Use gridsearch CV improves RMSE by 0.02.

In [71]:
param_grid = {"n_epochs": [50, 80], "lr_all": [0.010, 0.012], "reg_all": [0.12, 0.14]}
gs = GridSearchCV(SVD, param_grid, measures=["rmse", "mae"], cv=5)

gs.fit(data)

# best RMSE score
print(gs.best_score["rmse"])

# combination of parameters that gave the best RMSE score
print(gs.best_params["rmse"])

0.8760241357445813
{'n_epochs': 80, 'lr_all': 0.012, 'reg_all': 0.12}


### NMF

In [72]:
# Initialize model for nmf
nmf = NMF(random_state=42)

# Train the algorithm on the trainset, and predict ratings for the testset
nmf.fit(trainset)
predictions = nmf.test(testset)

# Then compute RMSE
accuracy.rmse(predictions)

RMSE: 0.9574


0.9573906031530087

While doing kfold, we see fairly similar RMSE scores across the folds.

In [73]:
# define a cross-validation iterator
kf = KFold(n_splits=5, random_state=42)

for trainset, testset in kf.split(data):

    # train and test algorithm.
    nmf.fit(trainset)
    predictions = nmf.test(testset)

    # Compute and print Root Mean Squared Error
    accuracy.rmse(predictions)

RMSE: 0.9449
RMSE: 0.9413
RMSE: 0.9459
RMSE: 0.9381
RMSE: 0.9574


When comparing SVD and NMF, we see here that SVD has lower RMSE score than NMF. We will use SVD to come out with our recommendations.

In [74]:
get_recommendations(671,10,svd)

[('Nell', 4.561367353331784),
 ('Flags of Our Fathers', 4.505289018375288),
 ('Fools Rush In', 4.485137634498578),
 ('Shriek If You Know What I Did Last Friday the Thirteenth',
  4.480267721603876),
 ('Sleepless in Seattle', 4.470329127881765),
 ('Galaxy Quest', 4.462592937627489),
 ('Cool Hand Luke', 4.461669090179023),
 ('Birdman of Alcatraz', 4.412927255554211),
 ('Edward Scissorhands', 4.408618345245424),
 ('The Thomas Crown Affair', 4.4085953121641435)]

### Deep Neural Network

We will use the fastai library to build our Deep Neural Network model.

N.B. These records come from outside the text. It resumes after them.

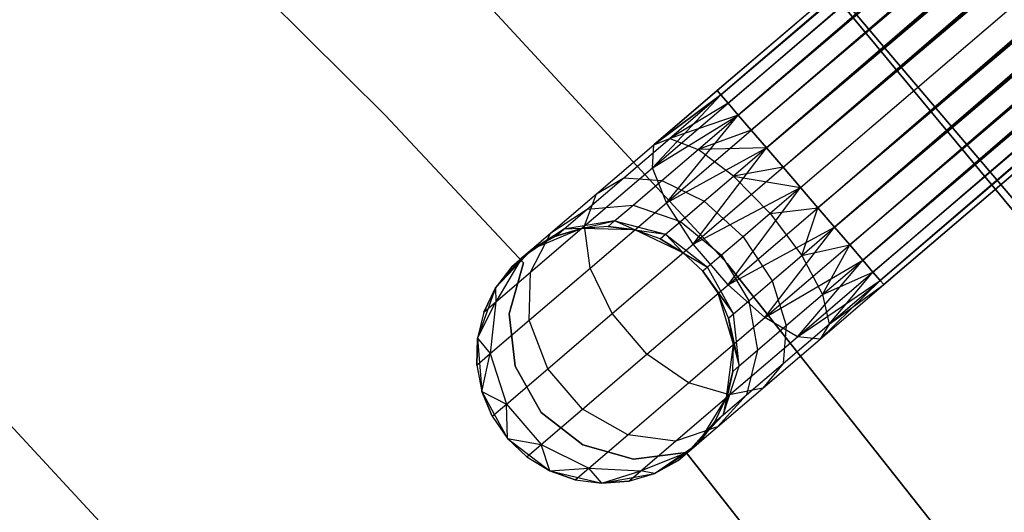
# Model space of a CAD drawing. Extents: x -102 to 102, y -101 to 102.
# Tile 381 of 481: x 26.79 to 34.45, y 25.63 to 29.46. Entities that reach past the tile are written whole.
import ezdxf

# ---------------------------------------------------------------- set-up
doc = ezdxf.new("R2010")
doc.units = 0
doc.header["$LTSCALE"] = 25.4
doc.layers.get('0').update_dxf_attribs({"linetype": 'CONTINUOUS'})

# ---------------------------------------------------------------- blocks, each defined once
blk = doc.blocks.new('NL2500011659_STL')
at = {"color": 0}
for p, q in [((32.2155, 28.9111, -7.3955), (60.6027, 53.2318, -7.3955)), ((32.2155, 28.9111, -7.6045), (60.6027, 53.2318, -7.3955)), ((32.2155, 28.9111, -7.6045), (60.6027, 53.2318, -7.3955)), ((32.2155, 28.9111, -7.3955), (60.6027, 53.2318, -7.3955)), ((60.631, 53.1988, -7.809), (32.2155, 28.9111, -7.6045)), ((60.631, 53.1988, -7.809), (32.2155, 28.9111, -7.6045)), ((60.6027, 53.2318, -7.3955), (32.2437, 28.8781, -7.191)), ((60.6027, 53.2318, -7.3955), (32.2437, 28.8781, -7.191)), ((32.2437, 28.8781, -7.809), (60.631, 53.1988, -7.809)), ((32.2437, 28.8781, -7.809), (60.631, 53.1988, -7.809)), ((32.2991, 28.8135, -8), (60.631, 53.1988, -7.809)), ((32.2991, 28.8135, -8), (60.631, 53.1988, -7.809)), ((32.2437, 28.8781, -7.191), (60.6863, 53.1343, -7)), ((32.2437, 28.8781, -7.191), (60.6863, 53.1343, -7)), ((32.2991, 28.8135, -7), (60.6863, 53.1343, -7)), ((32.2991, 28.8135, -7), (60.6863, 53.1343, -7)), ((60.6863, 53.1343, -7), (32.379, 28.7202, -6.8309)), ((60.6863, 53.1343, -7), (32.379, 28.7202, -6.8309)), ((60.7663, 53.041, -8.1691), (32.2991, 28.8135, -8)), ((60.7663, 53.041, -8.1691), (32.2991, 28.8135, -8)), ((32.379, 28.7202, -8.1691), (60.7663, 53.041, -8.1691)), ((32.379, 28.7202, -8.1691), (60.7663, 53.041, -8.1691)), ((32.4801, 28.6022, -8.309), (60.7663, 53.041, -8.1691)), ((32.4801, 28.6022, -8.309), (60.7663, 53.041, -8.1691)), ((32.379, 28.7202, -6.8309), (60.8674, 52.923, -6.691)), ((32.379, 28.7202, -6.8309), (60.8674, 52.923, -6.691)), ((32.4801, 28.6022, -6.691), (60.8674, 52.923, -6.691)), ((32.4801, 28.6022, -6.691), (60.8674, 52.923, -6.691)), ((60.8674, 52.923, -6.691), (32.5979, 28.4647, -6.5865)), ((60.8674, 52.923, -6.691), (32.5979, 28.4647, -6.5865)), ((60.9852, 52.7855, -8.4135), (32.4801, 28.6022, -8.309)), ((60.9852, 52.7855, -8.4135), (32.4801, 28.6022, -8.309)), ((32.5979, 28.4647, -8.4135), (60.9852, 52.7855, -8.4135)), ((32.5979, 28.4647, -8.4135), (60.9852, 52.7855, -8.4135)), ((32.7272, 28.3138, -8.4782), (60.9852, 52.7855, -8.4135)), ((32.7272, 28.3138, -8.4782), (60.9852, 52.7855, -8.4135)), ((32.5979, 28.4647, -6.5865), (61.1145, 52.6345, -6.5218)), ((32.5979, 28.4647, -6.5865), (61.1145, 52.6345, -6.5218)), ((32.7272, 28.3138, -6.5218), (61.1145, 52.6345, -6.5218)), ((32.7272, 28.3138, -6.5218), (61.1145, 52.6345, -6.5218)), ((32.7272, 28.3138, -8.4782), (61.2498, 52.4766, -8.5)), ((32.7272, 28.3138, -8.4782), (61.2498, 52.4766, -8.5)), ((32.8625, 28.1559, -6.5), (61.2498, 52.4766, -6.5)), ((32.8625, 28.1559, -6.5), (61.2498, 52.4766, -6.5)), ((32.8625, 28.1559, -8.5), (61.2498, 52.4766, -8.5)), ((32.8625, 28.1559, -8.5), (61.2498, 52.4766, -8.5)), ((32.9978, 27.998, -8.4782), (61.2498, 52.4766, -8.5)), ((32.9978, 27.998, -8.4782), (61.2498, 52.4766, -8.5)), ((32.9978, 27.998, -6.5218), (61.3851, 52.3187, -6.5218)), ((32.9978, 27.998, -6.5218), (61.3851, 52.3187, -6.5218)), ((61.3851, 52.3187, -6.5218), (33.1271, 27.847, -6.5865)), ((61.3851, 52.3187, -6.5218), (33.1271, 27.847, -6.5865)), ((61.5144, 52.1677, -8.4135), (32.9978, 27.998, -8.4782)), ((61.5144, 52.1677, -8.4135), (32.9978, 27.998, -8.4782)), ((33.1271, 27.847, -8.4135), (61.5144, 52.1677, -8.4135)), ((33.1271, 27.847, -8.4135), (61.5144, 52.1677, -8.4135)), ((33.2449, 27.7095, -8.309), (61.5144, 52.1677, -8.4135)), ((33.2449, 27.7095, -8.309), (61.5144, 52.1677, -8.4135)), ((33.1271, 27.847, -6.5865), (61.6322, 52.0302, -6.691)), ((33.1271, 27.847, -6.5865), (61.6322, 52.0302, -6.691)), ((33.2449, 27.7095, -6.691), (61.6322, 52.0302, -6.691)), ((33.2449, 27.7095, -6.691), (61.6322, 52.0302, -6.691)), ((61.6322, 52.0302, -6.691), (33.346, 27.5915, -6.8309)), ((61.6322, 52.0302, -6.691), (33.346, 27.5915, -6.8309)), ((61.7333, 51.9123, -8.1691), (33.2449, 27.7095, -8.309)), ((61.7333, 51.9123, -8.1691), (33.2449, 27.7095, -8.309)), ((33.346, 27.5915, -8.1691), (61.7333, 51.9123, -8.1691)), ((33.346, 27.5915, -8.1691), (61.7333, 51.9123, -8.1691)), ((33.426, 27.4982, -8), (61.7333, 51.9123, -8.1691)), ((33.426, 27.4982, -8), (61.7333, 51.9123, -8.1691)), ((33.346, 27.5915, -6.8309), (61.8133, 51.8189, -7)), ((33.346, 27.5915, -6.8309), (61.8133, 51.8189, -7)), ((33.426, 27.4982, -7), (61.8133, 51.8189, -7)), ((33.426, 27.4982, -7), (61.8133, 51.8189, -7)), ((61.8133, 51.8189, -7), (33.4813, 27.4336, -7.191)), ((61.8133, 51.8189, -7), (33.4813, 27.4336, -7.191)), ((61.8686, 51.7544, -7.809), (33.426, 27.4982, -8)), ((61.8686, 51.7544, -7.809), (33.426, 27.4982, -8)), ((33.4813, 27.4336, -7.809), (61.8686, 51.7544, -7.809)), ((33.4813, 27.4336, -7.809), (61.8686, 51.7544, -7.809)), ((33.5096, 27.4006, -7.6045), (61.8686, 51.7544, -7.809)), ((33.5096, 27.4006, -7.6045), (61.8686, 51.7544, -7.809)), ((33.4813, 27.4336, -7.191), (61.8969, 51.7214, -7.3955)), ((33.4813, 27.4336, -7.191), (61.8969, 51.7214, -7.3955)), ((61.8969, 51.7214, -7.3955), (33.5096, 27.4006, -7.6045)), ((33.5096, 27.4006, -7.3955), (61.8969, 51.7214, -7.3955)), ((61.8969, 51.7214, -7.3955), (33.5096, 27.4006, -7.6045)), ((33.5096, 27.4006, -7.3955), (61.8969, 51.7214, -7.3955)), ((35.0124, 27.4796, 1), (32.8605, 30.018, 1)), ((32.8605, 30.018, 2), (35.0124, 27.4796, 2)), ((35.0124, 27.4796, 1), (32.8605, 30.018, 1)), ((32.8605, 30.018, 2), (35.0124, 27.4796, 2)), ((30.0867, 29.9559, 1), (32.292, 27.566, 1)), ((32.292, 27.566, -6.5), (30.0867, 29.9559, -6.5)), ((32.292, 27.566, -6.5), (30.0867, 29.9559, -6.5)), ((30.0867, 29.9559, 1), (32.292, 27.566, 1)), ((28.5228, 29.8237), (29.6374, 28.7173)), ((29.6374, 28.7173, -2), (28.5228, 29.8237, -2)), ((29.6374, 28.7173, -2), (28.5228, 29.8237, -2)), ((28.5228, 29.8237), (29.6374, 28.7173)), ((35.2922, 27.0374, 1), (33.1726, 29.598, 1)), ((33.1726, 29.598, -6.5), (35.2922, 27.0374, -6.5)), ((35.2922, 27.0374, 1), (33.1726, 29.598, 1)), ((33.1726, 29.598, -6.5), (35.2922, 27.0374, -6.5)), ((31.7124, 28.3109, -7.8776), (32.2437, 28.8781, -7.809)), ((31.7124, 28.3109, -7.8776), (32.2437, 28.8781, -7.809)), ((31.7216, 28.488, -7.5015), (32.2155, 28.9111, -7.6045)), ((32.2155, 28.9111, -7.3955), (31.7216, 28.488, -7.5015)), ((32.2155, 28.9111, -7.3955), (31.7216, 28.488, -7.5015)), ((31.7216, 28.488, -7.5015), (32.2155, 28.9111, -7.6045)), ((31.7216, 28.488, -7.5015), (32.2437, 28.8781, -7.809)), ((31.7216, 28.488, -7.5015), (32.2437, 28.8781, -7.809)), ((32.2437, 28.8781, -7.191), (31.7216, 28.488, -7.5015)), ((32.2437, 28.8781, -7.191), (31.7216, 28.488, -7.5015)), ((32.2437, 28.8781, -7.191), (31.8469, 28.5381, -7.1082)), ((32.2437, 28.8781, -7.191), (31.8469, 28.5381, -7.1082)), ((32.2155, 28.9111, -7.6045), (32.2437, 28.8781, -7.809)), ((32.2437, 28.8781, -7.191), (32.2155, 28.9111, -7.3955)), ((32.2437, 28.8781, -7.191), (32.2155, 28.9111, -7.3955)), ((32.2155, 28.9111, -7.6045), (32.2437, 28.8781, -7.809)), ((32.2437, 28.8781, -7.809), (32.2991, 28.8135, -8)), ((32.2991, 28.8135, -7), (32.2437, 28.8781, -7.191)), ((32.2991, 28.8135, -7), (32.2437, 28.8781, -7.191)), ((32.2437, 28.8781, -7.809), (32.2991, 28.8135, -8)), ((31.7124, 28.3109, -7.8776), (32.2991, 28.8135, -8)), ((31.7124, 28.3109, -7.8776), (32.2991, 28.8135, -8)), ((32.2991, 28.8135, -7), (31.8469, 28.5381, -7.1082)), ((32.2991, 28.8135, -7), (31.8469, 28.5381, -7.1082)), ((32.2991, 28.8135, -8), (32.379, 28.7202, -8.1691)), ((32.379, 28.7202, -6.8309), (32.2991, 28.8135, -7)), ((32.379, 28.7202, -6.8309), (32.2991, 28.8135, -7)), ((32.2991, 28.8135, -8), (32.379, 28.7202, -8.1691)), ((29.6374, 28.7173), (29.6374, 28.7173, -2)), ((29.6374, 28.7173), (30.709, 27.5692)), ((30.709, 27.5692, -2), (29.6374, 28.7173, -2)), ((29.6374, 28.7173), (29.6374, 28.7173, -2)), ((30.709, 27.5692, -2), (29.6374, 28.7173, -2)), ((29.6374, 28.7173), (30.709, 27.5692)), ((31.7124, 28.3109, -7.8776), (32.379, 28.7202, -8.1691)), ((31.7124, 28.3109, -7.8776), (32.379, 28.7202, -8.1691)), ((31.8209, 28.0375, -8.1715), (32.379, 28.7202, -8.1691)), ((31.8209, 28.0375, -8.1715), (32.379, 28.7202, -8.1691)), ((32.379, 28.7202, -6.8309), (31.8469, 28.5381, -7.1082)), ((32.379, 28.7202, -6.8309), (31.8469, 28.5381, -7.1082)), ((32.0667, 28.4526, -6.7657), (32.379, 28.7202, -6.8309)), ((32.0667, 28.4526, -6.7657), (32.379, 28.7202, -6.8309)), ((32.379, 28.7202, -8.1691), (32.4801, 28.6022, -8.309)), ((32.4801, 28.6022, -6.691), (32.379, 28.7202, -6.8309)), ((32.4801, 28.6022, -6.691), (32.379, 28.7202, -6.8309)), ((32.379, 28.7202, -8.1691), (32.4801, 28.6022, -8.309)), ((31.8209, 28.0375, -8.1715), (32.4801, 28.6022, -8.309)), ((31.8209, 28.0375, -8.1715), (32.4801, 28.6022, -8.309)), ((32.4801, 28.6022, -6.691), (32.0667, 28.4526, -6.7657)), ((32.4801, 28.6022, -6.691), (32.0667, 28.4526, -6.7657)), ((32.4801, 28.6022, -8.309), (32.5979, 28.4647, -8.4135)), ((32.5979, 28.4647, -6.5865), (32.4801, 28.6022, -6.691)), ((32.5979, 28.4647, -6.5865), (32.4801, 28.6022, -6.691)), ((32.4801, 28.6022, -8.309), (32.5979, 28.4647, -8.4135)), ((31.2761, 28.1063, -7.2026), (31.7216, 28.488, -7.5015)), ((31.2761, 28.1063, -7.2026), (31.7216, 28.488, -7.5015)), ((31.4889, 28.2314, -6.868), (31.8469, 28.5381, -7.1082)), ((31.4889, 28.2314, -6.868), (31.8469, 28.5381, -7.1082)), ((31.7124, 28.3109, -7.8776), (31.7216, 28.488, -7.5015)), ((31.7124, 28.3109, -7.8776), (31.7216, 28.488, -7.5015)), ((31.7216, 28.488, -7.5015), (31.8469, 28.5381, -7.1082)), ((31.7216, 28.488, -7.5015), (31.8469, 28.5381, -7.1082)), ((31.8469, 28.5381, -7.1082), (32.0667, 28.4526, -6.7657)), ((31.8469, 28.5381, -7.1082), (32.0667, 28.4526, -6.7657)), ((31.7849, 28.2113, -6.5767), (32.0667, 28.4526, -6.7657)), ((31.7849, 28.2113, -6.5767), (32.0667, 28.4526, -6.7657)), ((31.8209, 28.0375, -8.1715), (32.5979, 28.4647, -8.4135)), ((31.8209, 28.0375, -8.1715), (32.5979, 28.4647, -8.4135)), ((32.0284, 27.715, -8.3324), (32.5979, 28.4647, -8.4135)), ((32.0284, 27.715, -8.3324), (32.5979, 28.4647, -8.4135)), ((32.5979, 28.4647, -6.5865), (32.0667, 28.4526, -6.7657)), ((32.5979, 28.4647, -6.5865), (32.0667, 28.4526, -6.7657)), ((32.3429, 28.2463, -6.5333), (32.0667, 28.4526, -6.7657)), ((32.3429, 28.2463, -6.5333), (32.0667, 28.4526, -6.7657)), ((32.5979, 28.4647, -6.5865), (32.3429, 28.2463, -6.5333)), ((32.5979, 28.4647, -6.5865), (32.3429, 28.2463, -6.5333)), ((32.5979, 28.4647, -8.4135), (32.7272, 28.3138, -8.4782)), ((32.7272, 28.3138, -6.5218), (32.5979, 28.4647, -6.5865)), ((32.7272, 28.3138, -6.5218), (32.5979, 28.4647, -6.5865)), ((32.5979, 28.4647, -8.4135), (32.7272, 28.3138, -8.4782)), ((31.1831, 27.8575, -7.5225), (31.7124, 28.3109, -7.8776)), ((31.1831, 27.8575, -7.5225), (31.7124, 28.3109, -7.8776)), ((31.8209, 28.0375, -8.1715), (31.7124, 28.3109, -7.8776)), ((31.8209, 28.0375, -8.1715), (31.7124, 28.3109, -7.8776)), ((32.0284, 27.715, -8.3324), (32.7272, 28.3138, -8.4782)), ((32.0284, 27.715, -8.3324), (32.7272, 28.3138, -8.4782)), ((32.1129, 28.0493, -6.379), (32.3429, 28.2463, -6.5333)), ((32.1129, 28.0493, -6.379), (32.3429, 28.2463, -6.5333)), ((32.7272, 28.3138, -6.5218), (32.3429, 28.2463, -6.5333)), ((32.7272, 28.3138, -6.5218), (32.3429, 28.2463, -6.5333)), ((32.3429, 28.2463, -6.5333), (32.8625, 28.1559, -6.5)), ((32.3429, 28.2463, -6.5333), (32.8625, 28.1559, -6.5)), ((32.3429, 28.2463, -6.5333), (32.6278, 27.9548, -6.4511)), ((32.3429, 28.2463, -6.5333), (32.6278, 27.9548, -6.4511)), ((32.7272, 28.3138, -8.4782), (32.8625, 28.1559, -8.5)), ((32.8625, 28.1559, -6.5), (32.7272, 28.3138, -6.5218)), ((32.8625, 28.1559, -6.5), (32.7272, 28.3138, -6.5218)), ((32.7272, 28.3138, -8.4782), (32.8625, 28.1559, -8.5)), ((31.2048, 27.988, -6.4939), (31.4889, 28.2314, -6.868)), ((31.2048, 27.988, -6.4939), (31.4889, 28.2314, -6.868)), ((31.2761, 28.1063, -7.2026), (31.4889, 28.2314, -6.868)), ((31.2761, 28.1063, -7.2026), (31.4889, 28.2314, -6.868)), ((31.4889, 28.2314, -6.868), (31.7849, 28.2113, -6.5767)), ((31.4889, 28.2314, -6.868), (31.7849, 28.2113, -6.5767)), ((31.5614, 28.0197, -6.2823), (31.7849, 28.2113, -6.5767)), ((31.5614, 28.0197, -6.2823), (31.7849, 28.2113, -6.5767)), ((31.7849, 28.2113, -6.5767), (32.1129, 28.0493, -6.379)), ((31.7849, 28.2113, -6.5767), (32.1129, 28.0493, -6.379)), ((30.9225, 27.8034, -6.737), (31.2761, 28.1063, -7.2026)), ((30.9225, 27.8034, -6.737), (31.2761, 28.1063, -7.2026)), ((31.1831, 27.8575, -7.5225), (31.2761, 28.1063, -7.2026)), ((31.1831, 27.8575, -7.5225), (31.2761, 28.1063, -7.2026)), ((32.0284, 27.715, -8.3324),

*To refer to the Deep Neural Network.ipynb file for codes as google colab was used to run the codes.

Based on the best RMSE scores for DNN of 0.87, it is actually same as the RMSE score for SVD of 0.87. DNN and SVD model shows the best RMSE score to make predictions for our recommender system.

# Conclusion

In our project, we analyse basic, content-based and collaborative filtering movie recommendater systems. Basic movie recommender systems uses a weighted rating formula to come up with top movies chart or top movies in each genre list. However, this type of recommender system is not unique to user preference. Content-based filtering considers the movie attributes of the movie which the user is fond of to come up with recommendations for user. In our project, we utilise the title, overview, tagline, genre, keywords of plot and movie cast and apply TF-IDF and consine similarities to determine which movies users will like. However, there is the issue of cold-start, it does not takes into account other users' preference and determining what characteristics of the item the user dislikes or likes is not usually obvious. In collaborative filtering, all the users are taken into consideration and people with similar tastes and preferences are used to suggest new and specific products to the primary user. In our project, we utilised memory and model based method. Model-based method SVD and DNN proved to perform the best based on the lowest RMSE score of 0.87. However, collaborative filtering has issues with data sparsity if there is no sufficient historical data and scalability when a decrease in performance is inevitable with increase amount of data. Recommendations would be to come up with a hybrid recommender system combining both content-based and collaborative filtering.